Postado em 25 dEurope/London junho dEurope/London 2009

A política tradicional e Lula, o pragmático

Por Maria Inês Nassif

Fonte: Valor Econômico

O presidente Luiz Inácio Lula da Silva tem grande senso prático, como registrou essa semana o presidente americano, Barack Obama. O excesso de pragmatismo, no entanto, incorporou como normalidade ceder (e muito) em negociações – públicas, legislativas – que incluem claros e notórios interesses privados e expor-se constante e publicamente para manter o status quo de setores e personagens ligadas à política tradicional. O senso prático do governo petista acabou resultando numa soma de movimentos contraditórios que em algum momento forçarão Lula a escolhas que tenta evitar.

O resultado dos programas de distribuição de renda foi a surpresa do primeiro mandato. A injeção de recursos em comunidades muito pobres, que tradicionalmente mantiveram as oligarquias regionais com seus votos, provocou uma mudança estrutural. Os ganhos de cidadania nessas regiões, em especial nas de fraca urbanização, minaram o poder da política tradicional. Está se formando uma geração de políticos apartada das lideranças locais e com forte apoio comunitário, ligada a partidos com maior preocupação social. Essa mudança começa a se delinear e se firma numa relação político-eleitoral da qual foi eliminada a mediação dos chefes políticos locais.

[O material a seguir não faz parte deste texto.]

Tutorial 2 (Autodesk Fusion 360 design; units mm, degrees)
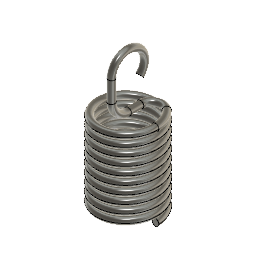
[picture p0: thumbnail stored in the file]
coil_primitive "CoilPrimitive1" Diameter 40 SectionSize 5 TaperAngle 0 Revolutions 10 Height 60
work_plane "WorkPlane2" AlongDistance 60
sketch "Sketch3" plane through (0, 0, 60) normal (0, 0, 1) x axis (1, 0, 0)
  line L1 (17.5, 0) -> (22.5, 0)
  line L2 (0, 8.9443) -> (0, 0)
  arc A1 centre (0, 0) radius 20 clockwise from (13.3333, 14.9071) to (20, 0)
  arc A2 centre (8, 8.9443) radius 8 clockwise from (0, 8.9443) to (13.3333, 14.9071)
  point P1 (0, 0)
  point P2 (0, 0)
  point P9 (0, 0)
  point P3 (20, 0)
  coincident P1 P2
  coincident P2 P9
  vertical L2
  tangent A1 A2
  tangent A2 L2
  coincident P3 L1
  dimension "d8" radius A1 = 20
  dimension "d10" radius A2 = 8
sweep "Sweep1" TwistAngle 0 TaperAngle 0
sketch "Sketch4" plane through (0, 0, 0) normal (1, 0, 0) x axis (0, 1, 0)
  line L1 (-12, 87) -> (-12, 72)
  line L2 (20.4742, 87) -> (0, 87)
  line L3 (8.4853, 78.5147) -> (0, 87)
  arc A1 centre (0, 72) radius 12 clockwise from (0, 60) to (-12, 72)
  arc A2 centre (0, 87) radius 12 clockwise from (-12, 87) to (8.4853, 78.5147)
  point P2 (0, 60)
  point P5 (0, 60)
  point P8 (0, 87)
  point P9 (0, 87)
  point P11 (0, 87)
  point P3 (-12, 72)
  point P6 (-12, 87)
  coincident P2 P5
  vertical L1
  tangent A1 L1
  tangent L1 A2
  coincident P8 P9
  horizontal L2
  vertical P2 P8
  coincident P8 P11
  dimension "d18" radius A1 = 12
  dimension "d19" distance P3 P6 = 15
  dimension "d20" radius A2 = 12
  dimension "d21" angle L2 L3 = 45
sweep "Sweep2" TwistAngle 0 TaperAngle 0

O movimento é outro na política institucional. O pragmatismo de Lula evita o confronto direto com os políticos de sua base de apoio. Assim, o mesmo presidente que viabiliza uma revitalização política nas regiões antes dominadas pela política tradicional, retirando o poder de intermediação do seus chefes, reinventa esses políticos quando eles são parceiros na política nacional. Uma vez acomodados na base de apoio parlamentar do governo, os políticos em declínio nas suas bases voltam a elas pelas mãos do presidente. Leia o resto do artigo »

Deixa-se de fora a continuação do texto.